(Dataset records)
************

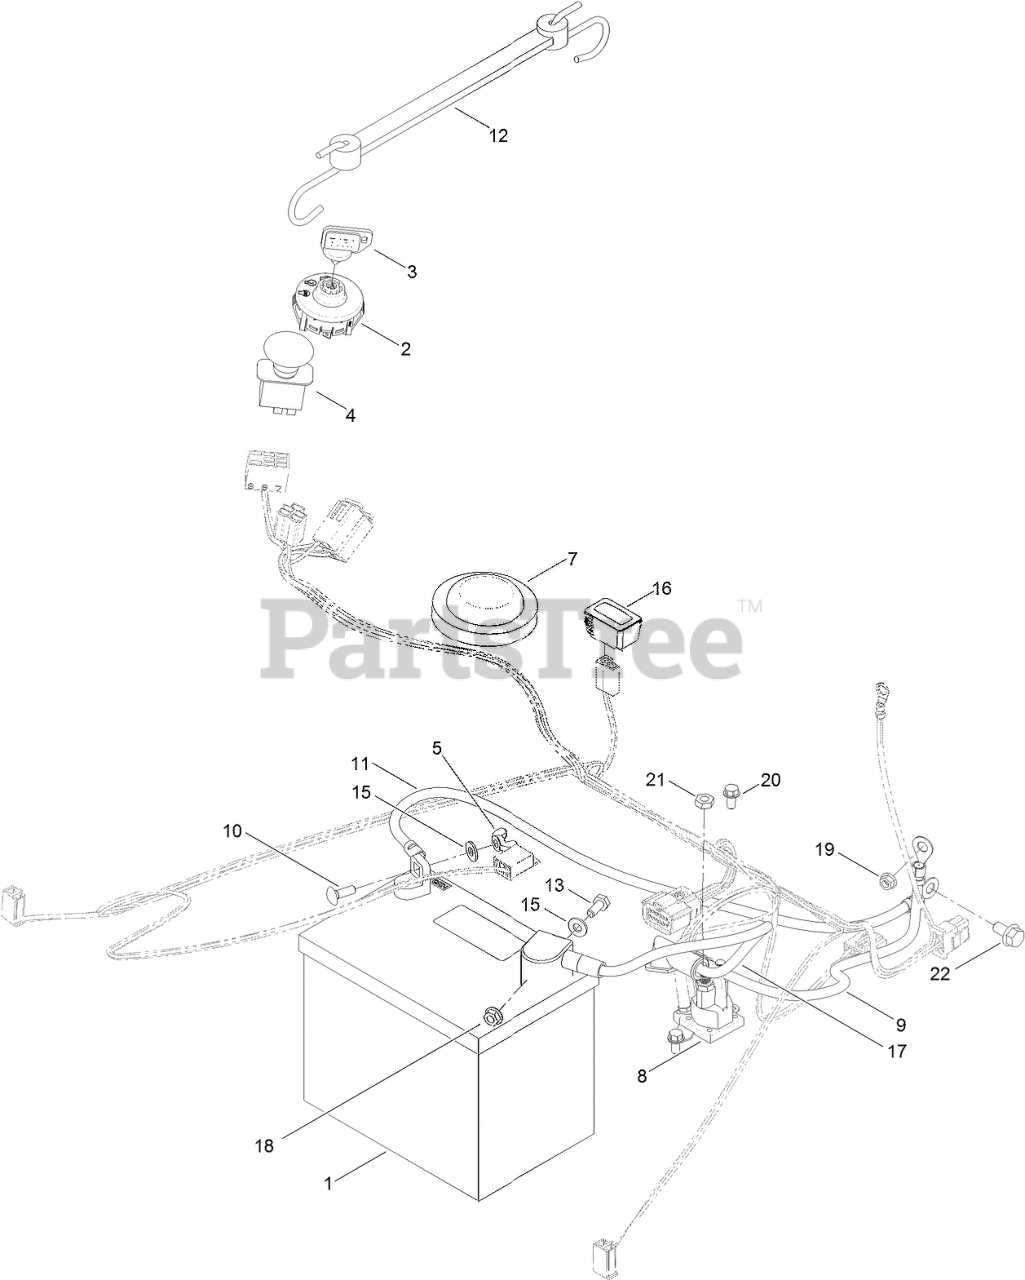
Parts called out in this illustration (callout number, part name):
1	BATTERY
2	SWITCH-IGNITION
3	KEY-IGNITION
4	SWITCH-PTO
5	NUT-WING
7	SWITCH-SEAT
8	SOLENOID
9	CABLE-BATTERY, POSITIVE
10	BOLT-CARR
11	CABLE-BATTERY, BLACK
12	HOLDDOWN-BATTERY
13	SCREW-HH
15	WASHER-FLAT
16	HOURMETER
17	CABLE-BATTERY, RED
18	NUT-HF
19	NUT-HF
20	SCREW-HWH
21	NUT-JAM
22	SCREW-HHF

************

— Problem to solve —
Take every entry above and transcribe it exactly, with no pictures in the copy.

— Output for this exercise —
Parts called out in this illustration (callout number, part name):
1	BATTERY
2	SWITCH-IGNITION
3	KEY-IGNITION
4	SWITCH-PTO
5	NUT-WING
7	SWITCH-SEAT
8	SOLENOID
9	CABLE-BATTERY, POSITIVE
10	BOLT-CARR
11	CABLE-BATTERY, BLACK
12	HOLDDOWN-BATTERY
13	SCREW-HH
15	WASHER-FLAT
16	HOURMETER
17	CABLE-BATTERY, RED
18	NUT-HF
19	NUT-HF
20	SCREW-HWH
21	NUT-JAM
22	SCREW-HHF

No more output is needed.